(Data entries)
[Start of Attachment]
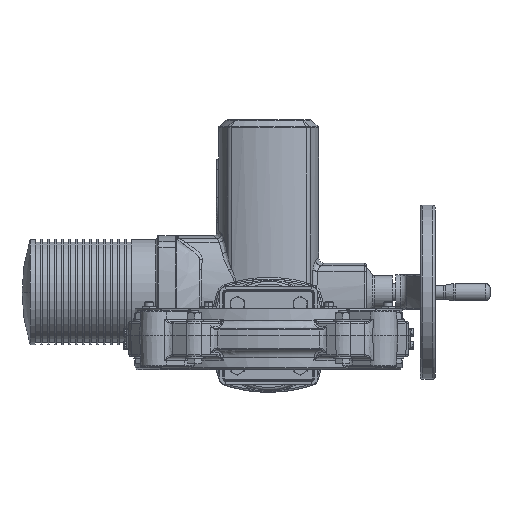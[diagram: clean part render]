
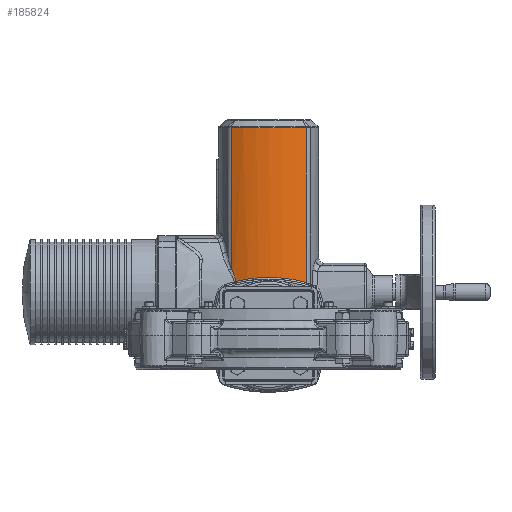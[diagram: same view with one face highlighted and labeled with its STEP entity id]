
A CAD part, front view. The second image highlights one B-rep face of the part: STEP entity #185824.
In plain terms, the highlighted cylindrical face has radius 100 mm (diameter 200 mm), a partial arc.
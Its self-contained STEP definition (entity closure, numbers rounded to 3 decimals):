
#62 = CARTESIAN_POINT ( 'NONE',  ( 30.423, 682.179, 63.785 ) ) ;
#7883 = LINE ( 'NONE', #132629, #42049 ) ;
#8705 = CARTESIAN_POINT ( 'NONE',  ( 43.041, 687.237, 247.75 ) ) ;
#8926 = CARTESIAN_POINT ( 'NONE',  ( -38.812, 685.333, 67.167 ) ) ;
#9822 = EDGE_CURVE ( 'NONE', #187300, #86868, #83559, .T. ) ;
#14149 = CARTESIAN_POINT ( 'NONE',  ( -3.699, 677.507, 66.745 ) ) ;
#14415 = ORIENTED_EDGE ( 'NONE', *, *, #157131, .T. ) ;
#14763 = CARTESIAN_POINT ( 'NONE',  ( 39.975, 685.775, 61.568 ) ) ;
#22878 = AXIS2_PLACEMENT_3D ( 'NONE', #124052, #167489, #36939 ) ;
#23528 = CARTESIAN_POINT ( 'NONE',  ( -37.247, 684.696, 62.232 ) ) ;
#28174 = CARTESIAN_POINT ( 'NONE',  ( -34.072, 683.421, 63.013 ) ) ;
#28796 = CARTESIAN_POINT ( 'NONE',  ( 6.69, 677.664, 66.645 ) ) ;
#36939 = DIRECTION ( 'NONE',  ( -1., 0., 0. ) ) ;
#37892 = ORIENTED_EDGE ( 'NONE', *, *, #92496, .T. ) ;
#42049 = VECTOR ( 'NONE', #147316, 1000. ) ;
#42872 = CARTESIAN_POINT ( 'NONE',  ( -37.247, 684.696, 62.232 ) ) ;
#43493 = CARTESIAN_POINT ( 'NONE',  ( 15.279, 678.659, 66.008 ) ) ;
#49484 = ORIENTED_EDGE ( 'NONE', *, *, #110614, .T. ) ;
#53916 = DIRECTION ( 'NONE',  ( 0., 0., -1. ) ) ;
#57475 = CARTESIAN_POINT ( 'NONE',  ( -20.937, 679.656, 65.374 ) ) ;
#58100 = CARTESIAN_POINT ( 'NONE',  ( 19.552, 679.426, 65.52 ) ) ;
#70661 = DIRECTION ( 'NONE',  ( 0., 0., -1. ) ) ;
#72119 = CARTESIAN_POINT ( 'NONE',  ( -14.131, 678.488, 66.117 ) ) ;
#72731 = CARTESIAN_POINT ( 'NONE',  ( 22.103, 679.97, 65.176 ) ) ;
#80822 = CARTESIAN_POINT ( 'NONE',  ( -43.041, 687.237, 76.501 ) ) ;
#83559 = B_SPLINE_CURVE_WITH_KNOTS ( 'NONE', 3,
 ( #42872, #28174, #115329, #144672, #57475, #159355, #72119, #173968, #86710, #188598, #101280, #14149, #115929, #28796, #130607, #43493, #145288, #58100, #160004, #72731, #174615, #87333, #62, #101920, #14763, #116566 ),
 .UNSPECIFIED., .F., .F.,
 ( 4, 2, 2, 2, 2, 2, 2, 2, 2, 2, 2, 2, 4 ),
 ( 0., 0.01, 0.021, 0.026, 0.029, 0.031, 0.042, 0.052, 0.057, 0.06, 0.062, 0.073, 0.083 ),
 .UNSPECIFIED. ) ;
#86710 = CARTESIAN_POINT ( 'NONE',  ( -10.673, 678.067, 66.386 ) ) ;
#86868 = VERTEX_POINT ( 'NONE', #131759 ) ;
#87333 = CARTESIAN_POINT ( 'NONE',  ( 27.143, 681.192, 64.404 ) ) ;
#90139 = CYLINDRICAL_SURFACE ( 'NONE', #22878, 100. ) ;
#90906 = LINE ( 'NONE', #8705, #129608 ) ;
#92496 = EDGE_CURVE ( 'NONE', #149356, #187300, #139782, .T. ) ;
#96026 = CARTESIAN_POINT ( 'NONE',  ( -40.772, 686.183, 71.911 ) ) ;
#101280 = CARTESIAN_POINT ( 'NONE',  ( -8.057, 677.821, 66.544 ) ) ;
#101920 = CARTESIAN_POINT ( 'NONE',  ( 36.839, 684.47, 62.368 ) ) ;
#103467 = CARTESIAN_POINT ( 'NONE',  ( -37.247, 684.696, 62.232 ) ) ;
#110614 = EDGE_CURVE ( 'NONE', #187948, #160500, #127830, .T. ) ;
#110690 = CARTESIAN_POINT ( 'NONE',  ( -37.946, 684.976, 64.739 ) ) ;
#115329 = CARTESIAN_POINT ( 'NONE',  ( -30.843, 682.314, 63.702 ) ) ;
#115929 = CARTESIAN_POINT ( 'NONE',  ( -0.227, 677.44, 66.788 ) ) ;
#116566 = CARTESIAN_POINT ( 'NONE',  ( 43.041, 687.237, 60.688 ) ) ;
#124052 = CARTESIAN_POINT ( 'NONE',  ( 0., 777.5, 247.75 ) ) ;
#127830 = CIRCLE ( 'NONE', #157723, 100. ) ;
#129201 = ORIENTED_EDGE ( 'NONE', *, *, #137706, .F. ) ;
#129608 = VECTOR ( 'NONE', #53916, 1000. ) ;
#130607 = CARTESIAN_POINT ( 'NONE',  ( 10.134, 677.955, 66.458 ) ) ;
#131243 = CARTESIAN_POINT ( 'NONE',  ( -43.041, 687.237, 238.426 ) ) ;
#131759 = CARTESIAN_POINT ( 'NONE',  ( 43.041, 687.237, 60.688 ) ) ;
#132629 = CARTESIAN_POINT ( 'NONE',  ( -43.041, 687.237, 247.75 ) ) ;
#137706 = EDGE_CURVE ( 'NONE', #187948, #86868, #90906, .T. ) ;
#139782 = B_SPLINE_CURVE_WITH_KNOTS ( 'NONE', 3,
 ( #80822, #168748, #96026, #8926, #110690, #23528 ),
 .UNSPECIFIED., .F., .F.,
 ( 4, 2, 4 ),
 ( 0., 0.008, 0.016 ),
 .UNSPECIFIED. ) ;
#142605 = FACE_OUTER_BOUND ( 'NONE', #142922, .T. ) ;
#142922 = EDGE_LOOP ( 'NONE', ( #37892, #168227, #129201, #49484, #14415 ) ) ;
#144672 = CARTESIAN_POINT ( 'NONE',  ( -24.276, 680.431, 64.883 ) ) ;
#145288 = CARTESIAN_POINT ( 'NONE',  ( 16.99, 678.939, 65.83 ) ) ;
#147316 = DIRECTION ( 'NONE',  ( 0., 0., -1. ) ) ;
#149356 = VERTEX_POINT ( 'NONE', #153097 ) ;
#153097 = CARTESIAN_POINT ( 'NONE',  ( -43.041, 687.237, 76.501 ) ) ;
#157131 = EDGE_CURVE ( 'NONE', #160500, #149356, #7883, .T. ) ;
#157723 = AXIS2_PLACEMENT_3D ( 'NONE', #157908, #70661, #172557 ) ;
#157908 = CARTESIAN_POINT ( 'NONE',  ( 0., 777.5, 238.426 ) ) ;
#159355 = CARTESIAN_POINT ( 'NONE',  ( -15.843, 678.748, 65.951 ) ) ;
#160004 = CARTESIAN_POINT ( 'NONE',  ( 20.406, 679.6, 65.41 ) ) ;
#160500 = VERTEX_POINT ( 'NONE', #131243 ) ;
#167489 = DIRECTION ( 'NONE',  ( 0., 0., -1. ) ) ;
#168227 = ORIENTED_EDGE ( 'NONE', *, *, #9822, .T. ) ;
#168748 = CARTESIAN_POINT ( 'NONE',  ( -41.868, 686.677, 74.227 ) ) ;
#172557 = DIRECTION ( 'NONE',  ( 1., 0., 0. ) ) ;
#173968 = CARTESIAN_POINT ( 'NONE',  ( -11.541, 678.164, 66.324 ) ) ;
#174615 = CARTESIAN_POINT ( 'NONE',  ( 22.947, 680.165, 65.053 ) ) ;
#184810 = CARTESIAN_POINT ( 'NONE',  ( 43.041, 687.237, 238.426 ) ) ;
#185824 = ADVANCED_FACE ( 'NONE', ( #142605 ), #90139, .T. ) ;
#187300 = VERTEX_POINT ( 'NONE', #103467 ) ;
#187948 = VERTEX_POINT ( 'NONE', #184810 ) ;
#188598 = CARTESIAN_POINT ( 'NONE',  ( -8.931, 677.896, 66.496 ) ) ;
[End of Attachment]
(What is being asked) Could you restate word for word the lines above from the one containing "#101920 = CARTESIAN_POINT" through the one containing "#110614 = EDGE_CURVE", both included, and nothing else?

(Solution to this task)
#101920 = CARTESIAN_POINT ( 'NONE',  ( 36.839, 684.47, 62.368 ) ) ;
#103467 = CARTESIAN_POINT ( 'NONE',  ( -37.247, 684.696, 62.232 ) ) ;
#110614 = EDGE_CURVE ( 'NONE', #187948, #160500, #127830, .T. ) ;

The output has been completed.